(Items from a dataset)
══════════

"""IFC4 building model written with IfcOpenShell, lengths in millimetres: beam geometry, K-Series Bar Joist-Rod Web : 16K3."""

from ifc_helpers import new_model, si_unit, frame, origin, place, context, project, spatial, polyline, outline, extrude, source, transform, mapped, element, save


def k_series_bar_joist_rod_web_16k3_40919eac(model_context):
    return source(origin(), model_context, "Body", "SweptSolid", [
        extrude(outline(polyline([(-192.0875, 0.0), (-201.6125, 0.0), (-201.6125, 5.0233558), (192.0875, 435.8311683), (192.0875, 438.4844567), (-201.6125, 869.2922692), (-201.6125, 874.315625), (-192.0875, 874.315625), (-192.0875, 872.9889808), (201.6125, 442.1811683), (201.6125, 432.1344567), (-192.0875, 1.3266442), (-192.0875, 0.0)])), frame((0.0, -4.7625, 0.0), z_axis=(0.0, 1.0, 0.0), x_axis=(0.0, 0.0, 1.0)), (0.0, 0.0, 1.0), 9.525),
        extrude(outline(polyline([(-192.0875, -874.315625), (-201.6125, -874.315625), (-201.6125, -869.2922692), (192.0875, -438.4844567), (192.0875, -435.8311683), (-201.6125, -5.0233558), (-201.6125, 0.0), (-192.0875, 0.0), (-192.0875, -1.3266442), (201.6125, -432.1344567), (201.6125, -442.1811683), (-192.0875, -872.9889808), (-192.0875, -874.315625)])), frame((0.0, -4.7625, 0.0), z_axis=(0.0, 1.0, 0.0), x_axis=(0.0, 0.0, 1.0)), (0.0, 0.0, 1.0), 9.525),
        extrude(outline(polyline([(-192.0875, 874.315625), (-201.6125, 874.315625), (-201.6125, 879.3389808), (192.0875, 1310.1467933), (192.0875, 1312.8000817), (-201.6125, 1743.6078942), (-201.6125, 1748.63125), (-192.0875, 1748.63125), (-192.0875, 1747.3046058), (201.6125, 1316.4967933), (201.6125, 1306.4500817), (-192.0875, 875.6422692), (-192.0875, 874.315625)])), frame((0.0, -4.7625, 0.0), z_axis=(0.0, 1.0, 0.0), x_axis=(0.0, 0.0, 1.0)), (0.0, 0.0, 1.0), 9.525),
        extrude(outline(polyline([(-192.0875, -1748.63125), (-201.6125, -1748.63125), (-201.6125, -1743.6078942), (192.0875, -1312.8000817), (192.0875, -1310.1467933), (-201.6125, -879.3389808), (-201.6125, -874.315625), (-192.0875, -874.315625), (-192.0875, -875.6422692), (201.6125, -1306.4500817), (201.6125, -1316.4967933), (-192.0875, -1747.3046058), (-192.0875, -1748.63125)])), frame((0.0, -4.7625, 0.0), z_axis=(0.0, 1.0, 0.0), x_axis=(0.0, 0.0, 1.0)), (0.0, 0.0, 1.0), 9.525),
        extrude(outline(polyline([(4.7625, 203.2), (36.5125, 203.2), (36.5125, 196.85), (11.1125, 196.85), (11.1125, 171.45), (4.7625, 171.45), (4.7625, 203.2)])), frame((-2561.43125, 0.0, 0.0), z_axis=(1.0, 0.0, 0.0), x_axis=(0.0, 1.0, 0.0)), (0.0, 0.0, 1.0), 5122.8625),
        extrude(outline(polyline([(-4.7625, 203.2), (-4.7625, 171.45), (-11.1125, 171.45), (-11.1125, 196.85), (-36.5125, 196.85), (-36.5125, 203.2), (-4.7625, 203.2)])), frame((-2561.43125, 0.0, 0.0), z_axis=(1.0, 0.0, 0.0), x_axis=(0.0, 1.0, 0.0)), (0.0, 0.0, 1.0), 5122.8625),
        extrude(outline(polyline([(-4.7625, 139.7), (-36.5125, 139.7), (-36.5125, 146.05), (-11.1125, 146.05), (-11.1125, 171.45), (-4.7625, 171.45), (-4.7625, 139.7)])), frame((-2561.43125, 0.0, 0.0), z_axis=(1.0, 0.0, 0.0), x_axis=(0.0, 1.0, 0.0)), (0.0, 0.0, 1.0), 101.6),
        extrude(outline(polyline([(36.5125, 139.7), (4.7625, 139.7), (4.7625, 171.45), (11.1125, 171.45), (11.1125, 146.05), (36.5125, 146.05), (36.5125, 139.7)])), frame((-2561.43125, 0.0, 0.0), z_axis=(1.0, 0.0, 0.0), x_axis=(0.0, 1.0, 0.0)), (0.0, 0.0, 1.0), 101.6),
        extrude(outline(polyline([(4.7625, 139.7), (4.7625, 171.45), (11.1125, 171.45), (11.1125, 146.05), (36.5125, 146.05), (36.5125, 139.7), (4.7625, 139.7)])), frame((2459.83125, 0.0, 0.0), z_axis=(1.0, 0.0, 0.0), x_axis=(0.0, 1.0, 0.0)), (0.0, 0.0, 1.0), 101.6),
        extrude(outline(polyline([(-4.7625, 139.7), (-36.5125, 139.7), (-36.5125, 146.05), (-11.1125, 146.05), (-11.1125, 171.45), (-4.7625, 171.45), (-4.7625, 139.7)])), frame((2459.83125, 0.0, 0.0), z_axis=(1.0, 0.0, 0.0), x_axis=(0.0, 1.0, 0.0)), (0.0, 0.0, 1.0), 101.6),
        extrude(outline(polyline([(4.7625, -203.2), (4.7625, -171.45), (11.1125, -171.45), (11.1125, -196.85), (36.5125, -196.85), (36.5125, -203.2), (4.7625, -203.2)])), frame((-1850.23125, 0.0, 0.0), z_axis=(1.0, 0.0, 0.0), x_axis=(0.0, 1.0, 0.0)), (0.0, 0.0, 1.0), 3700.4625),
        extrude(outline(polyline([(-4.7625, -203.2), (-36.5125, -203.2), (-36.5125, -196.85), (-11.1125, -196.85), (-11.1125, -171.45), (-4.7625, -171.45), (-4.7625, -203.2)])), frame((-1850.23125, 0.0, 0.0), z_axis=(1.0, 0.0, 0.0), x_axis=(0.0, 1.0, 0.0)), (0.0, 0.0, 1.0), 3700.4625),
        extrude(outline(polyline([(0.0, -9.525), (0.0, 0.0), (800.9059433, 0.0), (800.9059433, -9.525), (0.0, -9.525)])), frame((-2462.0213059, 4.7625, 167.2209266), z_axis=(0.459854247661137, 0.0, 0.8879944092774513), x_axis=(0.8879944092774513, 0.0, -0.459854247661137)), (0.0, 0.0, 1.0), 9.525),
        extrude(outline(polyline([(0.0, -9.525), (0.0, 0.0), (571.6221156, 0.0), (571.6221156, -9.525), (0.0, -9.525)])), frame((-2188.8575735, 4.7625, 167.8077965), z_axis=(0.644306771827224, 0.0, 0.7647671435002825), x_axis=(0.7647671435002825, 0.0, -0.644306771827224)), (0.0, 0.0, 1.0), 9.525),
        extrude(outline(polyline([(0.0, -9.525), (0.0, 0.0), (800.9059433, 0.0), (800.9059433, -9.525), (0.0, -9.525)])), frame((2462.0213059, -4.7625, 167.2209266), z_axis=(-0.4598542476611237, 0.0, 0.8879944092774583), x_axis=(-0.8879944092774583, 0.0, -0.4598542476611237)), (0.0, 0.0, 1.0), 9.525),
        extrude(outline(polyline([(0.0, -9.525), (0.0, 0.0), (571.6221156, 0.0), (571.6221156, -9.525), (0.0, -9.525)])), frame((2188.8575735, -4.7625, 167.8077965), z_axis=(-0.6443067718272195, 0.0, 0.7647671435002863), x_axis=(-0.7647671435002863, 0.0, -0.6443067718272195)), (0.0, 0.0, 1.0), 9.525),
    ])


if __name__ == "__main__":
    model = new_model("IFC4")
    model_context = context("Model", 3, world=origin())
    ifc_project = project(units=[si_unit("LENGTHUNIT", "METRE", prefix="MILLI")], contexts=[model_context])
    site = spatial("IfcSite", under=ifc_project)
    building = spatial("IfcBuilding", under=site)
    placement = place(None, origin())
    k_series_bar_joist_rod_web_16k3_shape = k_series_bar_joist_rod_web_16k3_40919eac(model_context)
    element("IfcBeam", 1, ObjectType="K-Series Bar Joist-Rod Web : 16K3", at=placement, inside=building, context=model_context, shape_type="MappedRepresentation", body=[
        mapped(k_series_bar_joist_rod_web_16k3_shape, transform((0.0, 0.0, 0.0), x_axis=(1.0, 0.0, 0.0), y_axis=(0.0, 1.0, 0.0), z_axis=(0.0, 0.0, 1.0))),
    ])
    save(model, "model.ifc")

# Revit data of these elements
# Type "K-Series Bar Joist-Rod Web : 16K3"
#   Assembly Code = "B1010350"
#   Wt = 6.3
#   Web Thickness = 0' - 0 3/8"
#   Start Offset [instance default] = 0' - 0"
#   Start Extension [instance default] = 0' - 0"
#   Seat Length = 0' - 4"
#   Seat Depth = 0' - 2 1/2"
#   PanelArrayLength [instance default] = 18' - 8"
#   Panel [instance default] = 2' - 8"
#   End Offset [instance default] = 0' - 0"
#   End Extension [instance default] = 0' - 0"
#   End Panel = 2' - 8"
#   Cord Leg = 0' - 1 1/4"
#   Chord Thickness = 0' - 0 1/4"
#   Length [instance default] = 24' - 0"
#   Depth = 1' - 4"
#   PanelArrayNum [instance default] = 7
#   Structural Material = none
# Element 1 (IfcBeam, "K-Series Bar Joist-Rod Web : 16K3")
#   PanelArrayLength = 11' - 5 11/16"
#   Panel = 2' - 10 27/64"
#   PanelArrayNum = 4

══════════

Your answer must be a single number: how many lines of the records contain the word "Extension".

2